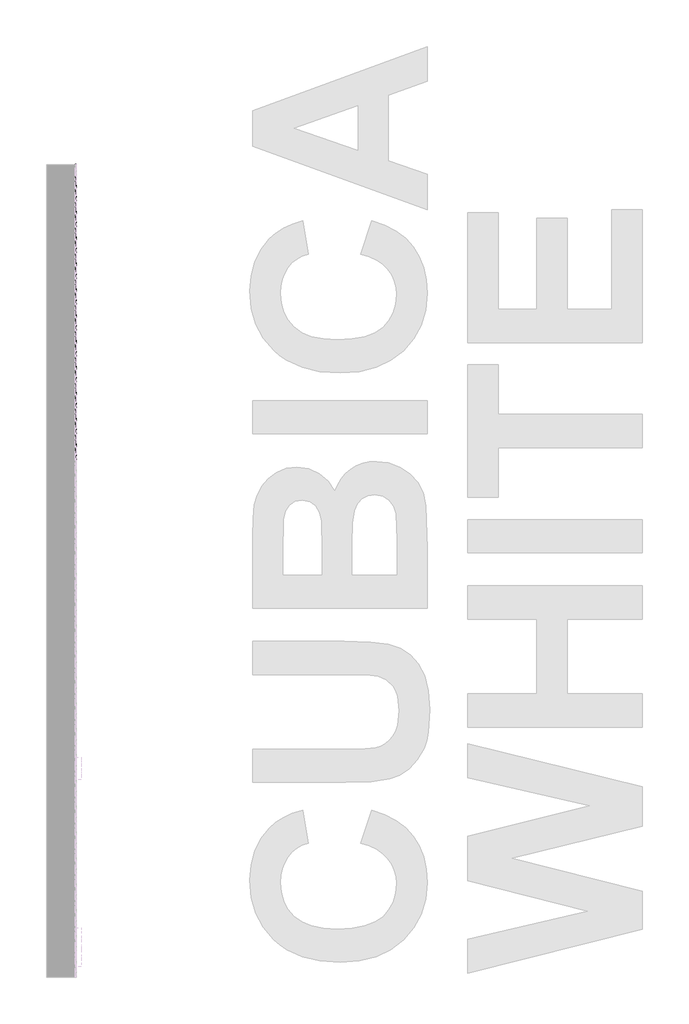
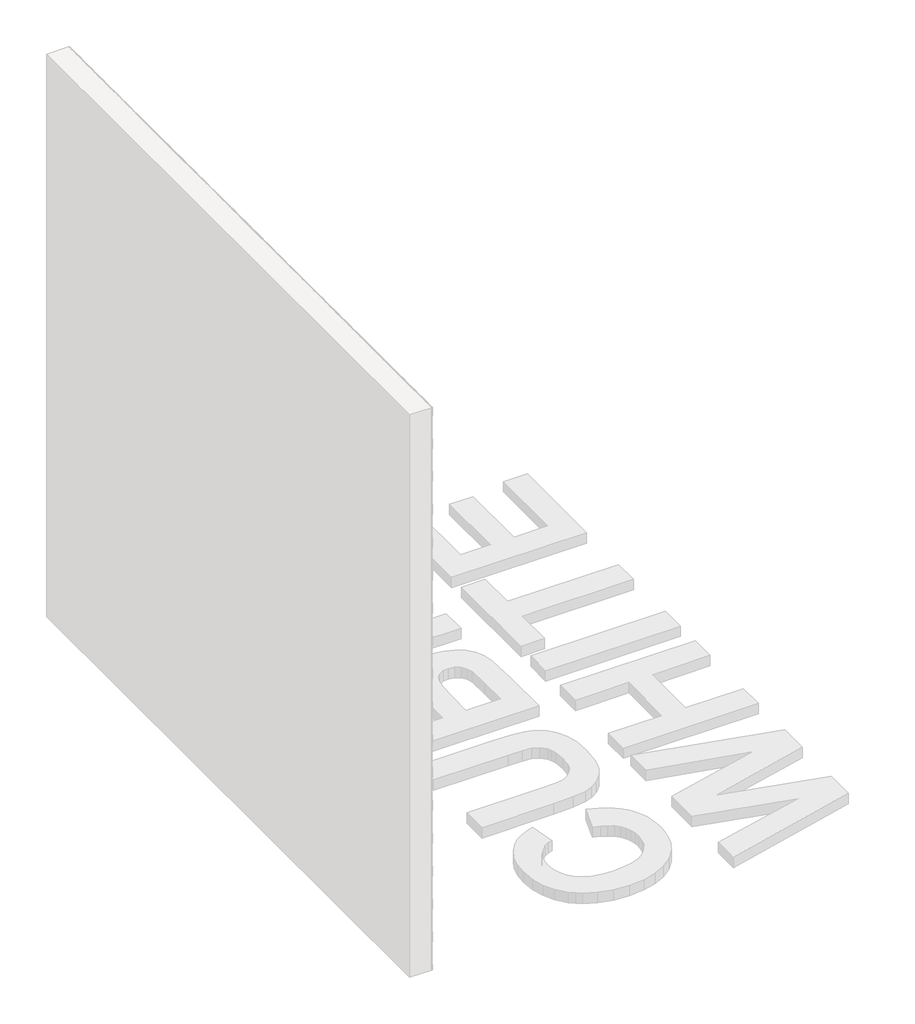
# One storey, part 116 of 121: 144 proxies.
"""IFC4 building model written with IfcOpenShell, lengths in millimetres."""

from ifc_helpers import new_model, si_unit, origin, place, context, project, spatial, transform, mapped, element, save
from components import generic_models_b2b2c5c1, generic_models_9bf73f6f, generic_models_5d175859, generic_models_0bb79e7c

model = new_model("IFC4")

# Units and contexts
model_context = context("Model", 3, world=origin())
ifc_project = project(units=[si_unit("LENGTHUNIT", "METRE", prefix="MILLI")], contexts=[model_context])

# Site, building, storey
site = spatial("IfcSite", under=ifc_project)
building = spatial("IfcBuilding", under=site)
storey = spatial("IfcBuildingStorey", under=building, Name="PORTOBELLO - SHOWROOM", Elevation=0.0)

# Proxies
placement = place(None, origin())
generic_models_shape = generic_models_b2b2c5c1(model_context)
element("IfcBuildingElementProxy", 1, Name="PBSHOP - CUBICA WHITE 4,8X8,3 : CUBICA WHITE - POSIÇÃO 01", ObjectType="PBSHOP - CUBICA WHITE 4,8X8,3 : CUBICA WHITE - POSIÇÃO 01", at=placement, inside=storey, context=model_context, shape_type="MappedRepresentation", body=[
    mapped(generic_models_shape, transform((150369.5341846, 21285.8509382, 986.6378273), x_axis=(0.0, 1.0, 0.0), y_axis=(0.0, 0.0, 1.0), z_axis=(1.0, 0.0, 0.0))),
])
element("IfcBuildingElementProxy", 2, Name="PBSHOP - CUBICA WHITE 4,8X8,3 : CUBICA WHITE - POSIÇÃO 01", ObjectType="PBSHOP - CUBICA WHITE 4,8X8,3 : CUBICA WHITE - POSIÇÃO 01", at=placement, inside=storey, context=model_context, shape_type="MappedRepresentation", body=[
    mapped(generic_models_shape, transform((150369.5341846, 21376.6902074, 986.6378273), x_axis=(0.0, 1.0, 0.0), y_axis=(0.0, 0.0, 1.0), z_axis=(1.0, 0.0, 0.0))),
])
element("IfcBuildingElementProxy", 3, Name="PBSHOP - CUBICA WHITE 4,8X8,3 : CUBICA WHITE - POSIÇÃO 01", ObjectType="PBSHOP - CUBICA WHITE 4,8X8,3 : CUBICA WHITE - POSIÇÃO 01", at=placement, inside=storey, context=model_context, shape_type="MappedRepresentation", body=[
    mapped(generic_models_shape, transform((150369.5341846, 21467.5294767, 986.6378273), x_axis=(0.0, 1.0, 0.0), y_axis=(0.0, 0.0, 1.0), z_axis=(1.0, 0.0, 0.0))),
])
element("IfcBuildingElementProxy", 4, Name="PBSHOP - CUBICA WHITE 4,8X8,3 : CUBICA WHITE - POSIÇÃO 01", ObjectType="PBSHOP - CUBICA WHITE 4,8X8,3 : CUBICA WHITE - POSIÇÃO 01", at=placement, inside=storey, context=model_context, shape_type="MappedRepresentation", body=[
    mapped(generic_models_shape, transform((150369.5341846, 21558.3687459, 986.6378273), x_axis=(0.0, 1.0, 0.0), y_axis=(0.0, 0.0, 1.0), z_axis=(1.0, 0.0, 0.0))),
])
element("IfcBuildingElementProxy", 5, Name="PBSHOP - CUBICA WHITE 4,8X8,3 : CUBICA WHITE - POSIÇÃO 01", ObjectType="PBSHOP - CUBICA WHITE 4,8X8,3 : CUBICA WHITE - POSIÇÃO 01", at=placement, inside=storey, context=model_context, shape_type="MappedRepresentation", body=[
    mapped(generic_models_shape, transform((150369.5341846, 21649.2080152, 986.6378273), x_axis=(0.0, 1.0, 0.0), y_axis=(0.0, 0.0, 1.0), z_axis=(1.0, 0.0, 0.0))),
])
element("IfcBuildingElementProxy", 6, Name="PBSHOP - CUBICA WHITE 4,8X8,3 : CUBICA WHITE - POSIÇÃO 01", ObjectType="PBSHOP - CUBICA WHITE 4,8X8,3 : CUBICA WHITE - POSIÇÃO 01", at=placement, inside=storey, context=model_context, shape_type="MappedRepresentation", body=[
    mapped(generic_models_shape, transform((150369.5341846, 21740.0472844, 986.6378273), x_axis=(0.0, 1.0, 0.0), y_axis=(0.0, 0.0, 1.0), z_axis=(1.0, 0.0, 0.0))),
])
element("IfcBuildingElementProxy", 7, Name="PBSHOP - CUBICA WHITE 4,8X8,3 : CUBICA WHITE - POSIÇÃO 01", ObjectType="PBSHOP - CUBICA WHITE 4,8X8,3 : CUBICA WHITE - POSIÇÃO 01", at=placement, inside=storey, context=model_context, shape_type="MappedRepresentation", body=[
    mapped(generic_models_shape, transform((150369.5341846, 21830.8865536, 986.6378273), x_axis=(0.0, 1.0, 0.0), y_axis=(0.0, 0.0, 1.0), z_axis=(1.0, 0.0, 0.0))),
])
element("IfcBuildingElementProxy", 8, Name="PBSHOP - CUBICA WHITE 4,8X8,3 : CUBICA WHITE - POSIÇÃO 01", ObjectType="PBSHOP - CUBICA WHITE 4,8X8,3 : CUBICA WHITE - POSIÇÃO 01", at=placement, inside=storey, context=model_context, shape_type="MappedRepresentation", body=[
    mapped(generic_models_shape, transform((150369.5341846, 21921.7258229, 986.6378273), x_axis=(0.0, 1.0, 0.0), y_axis=(0.0, 0.0, 1.0), z_axis=(1.0, 0.0, 0.0))),
])
element("IfcBuildingElementProxy", 9, Name="PBSHOP - CUBICA WHITE 4,8X8,3 : CUBICA WHITE - POSIÇÃO 01", ObjectType="PBSHOP - CUBICA WHITE 4,8X8,3 : CUBICA WHITE - POSIÇÃO 01", at=placement, inside=storey, context=model_context, shape_type="MappedRepresentation", body=[
    mapped(generic_models_shape, transform((150369.5341846, 21058.7527651, 1065.5724657), x_axis=(0.0, 1.0, 0.0), y_axis=(0.0, 0.0, 1.0), z_axis=(1.0, 0.0, 0.0))),
])
element("IfcBuildingElementProxy", 10, Name="PBSHOP - CUBICA WHITE 4,8X8,3 : CUBICA WHITE - POSIÇÃO 01", ObjectType="PBSHOP - CUBICA WHITE 4,8X8,3 : CUBICA WHITE - POSIÇÃO 01", at=placement, inside=storey, context=model_context, shape_type="MappedRepresentation", body=[
    mapped(generic_models_shape, transform((150369.5341846, 21149.5920343, 1065.5724657), x_axis=(0.0, 1.0, 0.0), y_axis=(0.0, 0.0, 1.0), z_axis=(1.0, 0.0, 0.0))),
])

> PROBLEM TO SOLVE: Copy whichever lines above contain the string "spatial".

> COMPLETED EXERCISE:
from ifc_helpers import new_model, si_unit, origin, place, context, project, spatial, transform, mapped, element, save
site = spatial("IfcSite", under=ifc_project)
building = spatial("IfcBuilding", under=site)
storey = spatial("IfcBuildingStorey", under=building, Name="PORTOBELLO - SHOWROOM", Elevation=0.0)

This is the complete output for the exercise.